# Holster reccommendations for a 4" Python?



## Mdnitedrftr (Aug 10, 2006)

Does anyone know a good EDC holster for a 4" Python? :mrgreen: ;-)


----------



## PhilR. (Apr 25, 2007)

A 4" large-framed revolver such as a Python is a sidearm. Therefore, you might ask this question on a forum dedicated to such. I've not ever searched for one, but I'm sure there has to be a forum or two dedicated to law enforcement.


----------



## Old Padawan (Mar 16, 2007)

I disagree with Phil. I have carried a couple of 4" revolvers concealed on a daily basis. Even in this day of Auto guns, a 6 shot .357 medium frame revolver is a GREAT carry gun.

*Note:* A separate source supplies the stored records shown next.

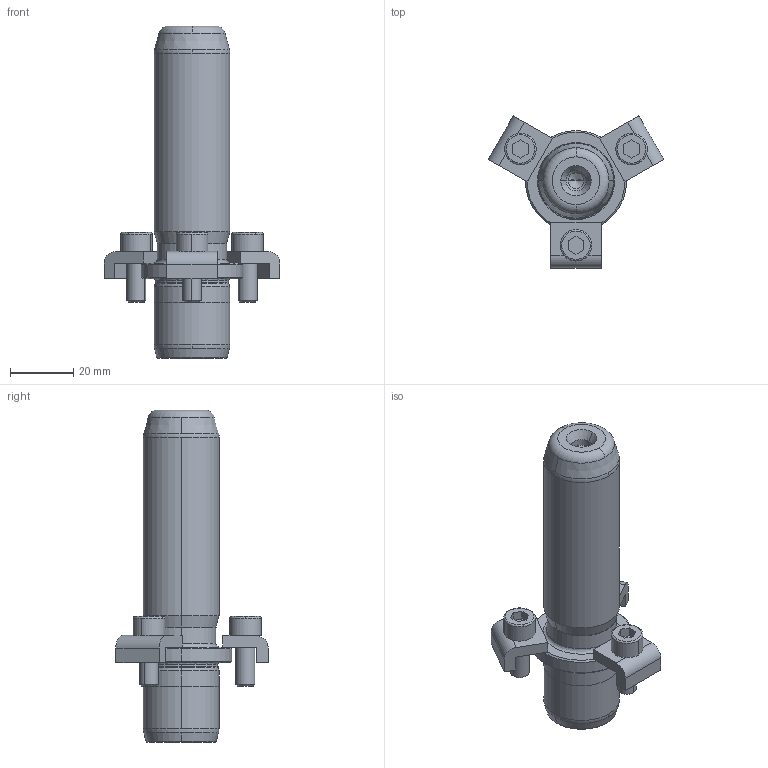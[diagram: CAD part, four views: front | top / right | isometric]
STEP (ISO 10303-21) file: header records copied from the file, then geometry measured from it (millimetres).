
FILE_DESCRIPTION((''),'2;1');
FILE_NAME('P21_024_080.stp','2008-12-23T09:25:30',(''),(''),'Mechanical Desktop 2009','Mechanical Desktop 2009',', , ');
FILE_SCHEMA(('CONFIG_CONTROL_DESIGN'));
Length unit declared in the file: millimetre
Products named in the file (2): Product; blmdl1
Assembly tree (1 placements, depth 2):
  Product
    blmdl1
Bounding box: 55.58 x 48.13 x 105 mm (x, y, z)
Volume: 52155.1 mm3; surface area: 14572.7 mm2
Topology: 7 solids, 7 shells, 163 faces, 417 edges, 269 vertices
Faces by surface type: plane 59, cylinder 44, cone 32, torus 14, bspline 14
Entity records: 5679 total; most frequent: CARTESIAN_POINT 1511, DIRECTION 914, ORIENTED_EDGE 826, EDGE_CURVE 413, AXIS2_PLACEMENT_3D 362, VERTEX_POINT 269, CIRCLE 211, VECTOR 190
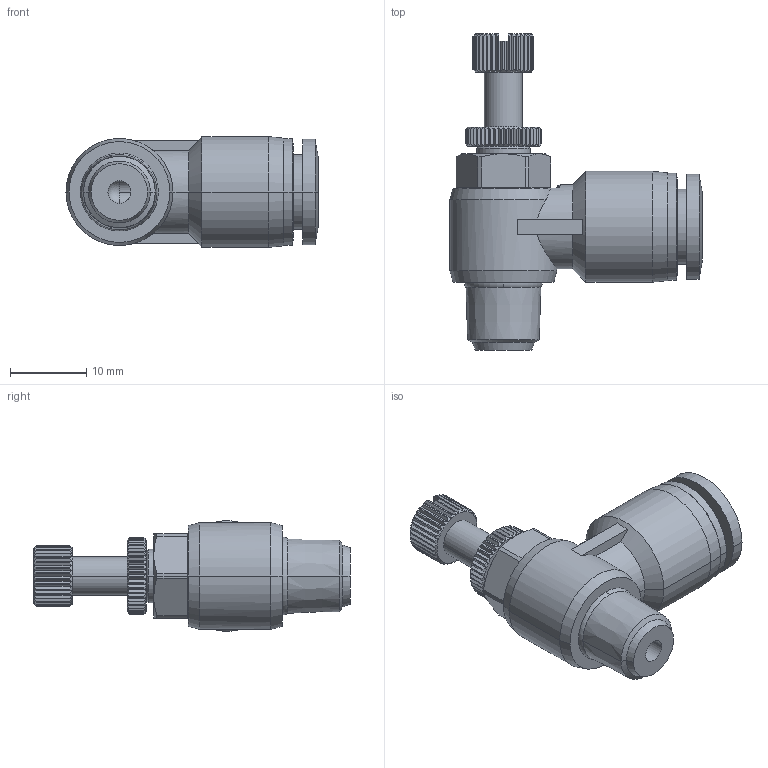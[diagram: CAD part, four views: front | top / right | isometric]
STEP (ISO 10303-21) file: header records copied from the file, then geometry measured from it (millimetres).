
FILE_DESCRIPTION (( 'STEP AP203' ), '1' );
FILE_NAME ('SCL08-01.STEP', '2020-05-12T15:36:01', ( '' ), ( '' ), 'SwSTEP 2.0', 'SolidWorks 2019', '' );
FILE_SCHEMA (( 'CONFIG_CONTROL_DESIGN' ));
Length unit declared in the file: millimetre
Products named in the file (1): SCL08-01
Bounding box: 33 x 41.4 x 14.5 mm (x, y, z)
Volume: 5216.4 mm3; surface area: 3571.4 mm2
Topology: 1 solids, 1 shells, 493 faces, 1105 edges, 625 vertices
Faces by surface type: plane 189, cone 185, cylinder 113, torus 4, sphere 1, bspline 1
Entity records: 13376 total; most frequent: CARTESIAN_POINT 3174, ORIENTED_EDGE 2208, DIRECTION 2168, EDGE_CURVE 1104, AXIS2_PLACEMENT_3D 918, VERTEX_POINT 625, EDGE_LOOP 507, ADVANCED_FACE 493

Galco offers an IWB, a couple of belt and a couple of shoulder holsters.

Try the Summer Comfort as an IWB. It will conceal well and is a comfortable carry.

http://www.usgalco.com/HolsterPG3.asp?ProductID=3590&GunID=35


----------



## PhilR. (Apr 25, 2007)

Old Padawan said:


> I disagree with Phil.


So, which part do you disagree with - the part where I said a Python is a sidearm, or the part that states that looking at an LEO forum might be of better help?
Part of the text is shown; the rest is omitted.